Write the listing out again word for word. Pictures do not belong in the copy.

■ ■ ■

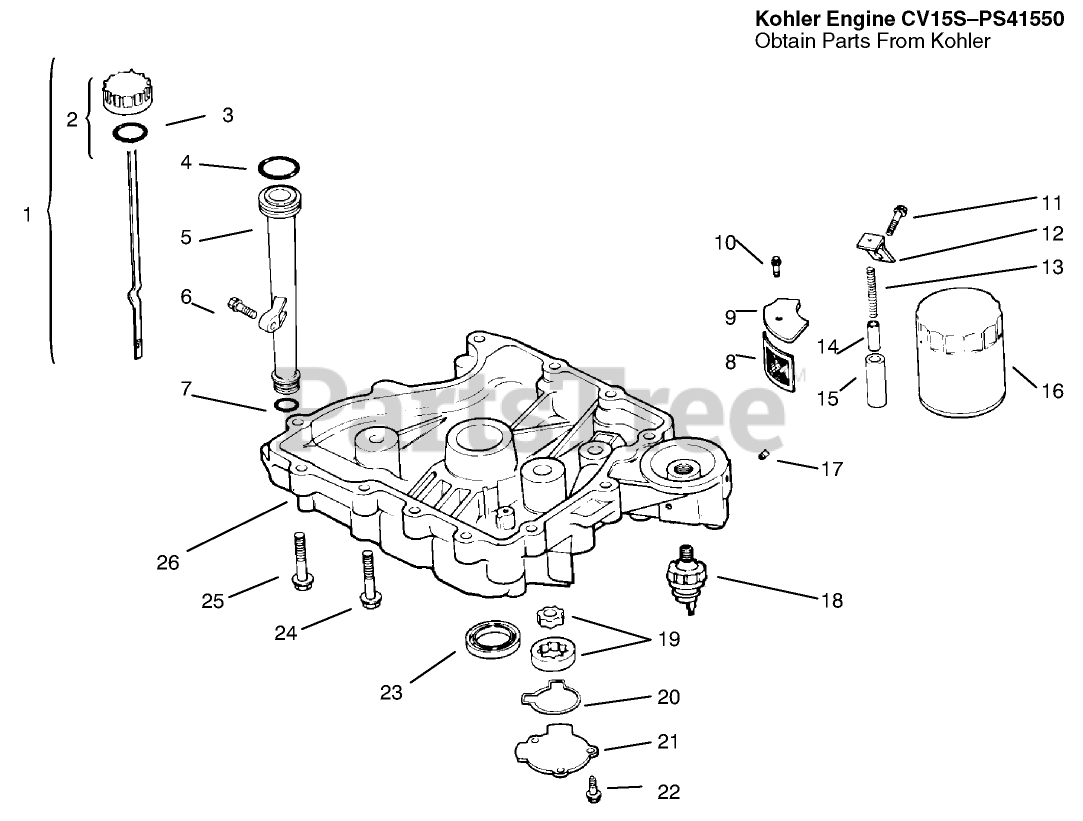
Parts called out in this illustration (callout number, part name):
1	Dipstick INC 2-3 (Only On: 72042, 72063, 72062, 72043)
2	Kit-Oil Fill Cap (Incl. Ref. #7)
3	ORing
4	O Ring-Upper Fill Tube (Only On: 72103)
5	Tube-Oil Fill (Only On: 72103, 72083)
7	O-Ring-Lower Fill Tube (Only On: 72042, 72063, 72062, 72043)
8	Screen-Oil Pickup
9	Cover-Oil Pickup Screen (Only On: 72042, 72063, 72062, 72043)
10	Screw M5x0.8x16 (Only On: 72042, 72063, 72062, 72043)
11	Screw M10x1.5x25 (Only On: 72042, 72063, 72062, 72043)
12	Bracket-Oil Pump Relief (Only On: 72042,72043,72062,72063)
13	Spring-Oil Relief Valve (Only On: 72042,72043,72062,72063)
14	Piston-Oil Relief Valve (Only On: 72042, 72063, 72062, 72043)
15	Body-Oil Relief Valve (Only On: 72042, 72063, 72062, 72043)
16	Filter-Oil
18	Switch-Oil Pressure
19	Pump-Oil (Only On: 72042, 72063, 72062, 72043)
20	O Ring-Oil Pump Cover (Only On: 72042,72043,72062,72063)
21	Cover-Oil Pump (Only On: 72042,72043,72062,72063)
22	Screw M5x0.8x16 (Only On: 72042, 72063, 72062, 72043)
23	Seal-Crankshaft (Only On: 72042, 72043, 72062, 72063)
25	Screw M8x1.25x45 (Only On: 72103, 72083)
26	Pan-Oil (Only On: 72042,72043,72062,72063)
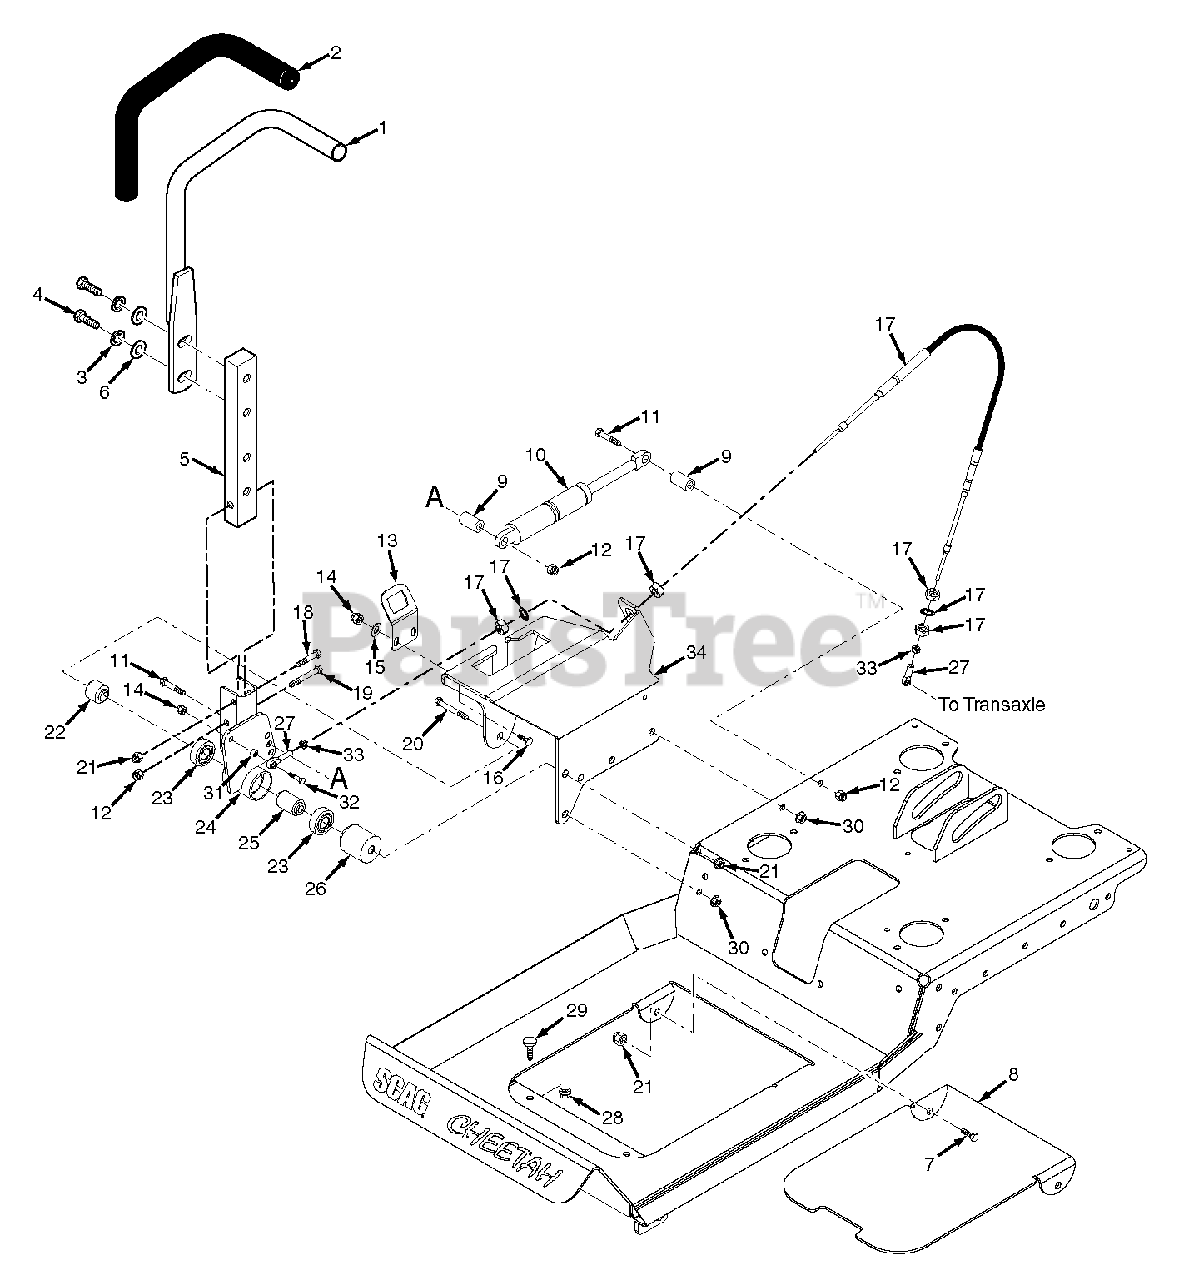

■ ■ ■

_Result for this task_
Parts called out in this illustration (callout number, part name):
1	Dipstick INC 2-3 (Only On: 72042, 72063, 72062, 72043)
2	Kit-Oil Fill Cap (Incl. Ref. #7)
3	ORing
4	O Ring-Upper Fill Tube (Only On: 72103)
5	Tube-Oil Fill (Only On: 72103, 72083)
7	O-Ring-Lower Fill Tube (Only On: 72042, 72063, 72062, 72043)
8	Screen-Oil Pickup
9	Cover-Oil Pickup Screen (Only On: 72042, 72063, 72062, 72043)
10	Screw M5x0.8x16 (Only On: 72042, 72063, 72062, 72043)
11	Screw M10x1.5x25 (Only On: 72042, 72063, 72062, 72043)
12	Bracket-Oil Pump Relief (Only On: 72042,72043,72062,72063)
13	Spring-Oil Relief Valve (Only On: 72042,72043,72062,72063)
14	Piston-Oil Relief Valve (Only On: 72042, 72063, 72062, 72043)
15	Body-Oil Relief Valve (Only On: 72042, 72063, 72062, 72043)
16	Filter-Oil
18	Switch-Oil Pressure
19	Pump-Oil (Only On: 72042, 72063, 72062, 72043)
20	O Ring-Oil Pump Cover (Only On: 72042,72043,72062,72063)
21	Cover-Oil Pump (Only On: 72042,72043,72062,72063)
22	Screw M5x0.8x16 (Only On: 72042, 72063, 72062, 72043)
23	Seal-Crankshaft (Only On: 72042, 72043, 72062, 72063)
25	Screw M8x1.25x45 (Only On: 72103, 72083)
26	Pan-Oil (Only On: 72042,72043,72062,72063)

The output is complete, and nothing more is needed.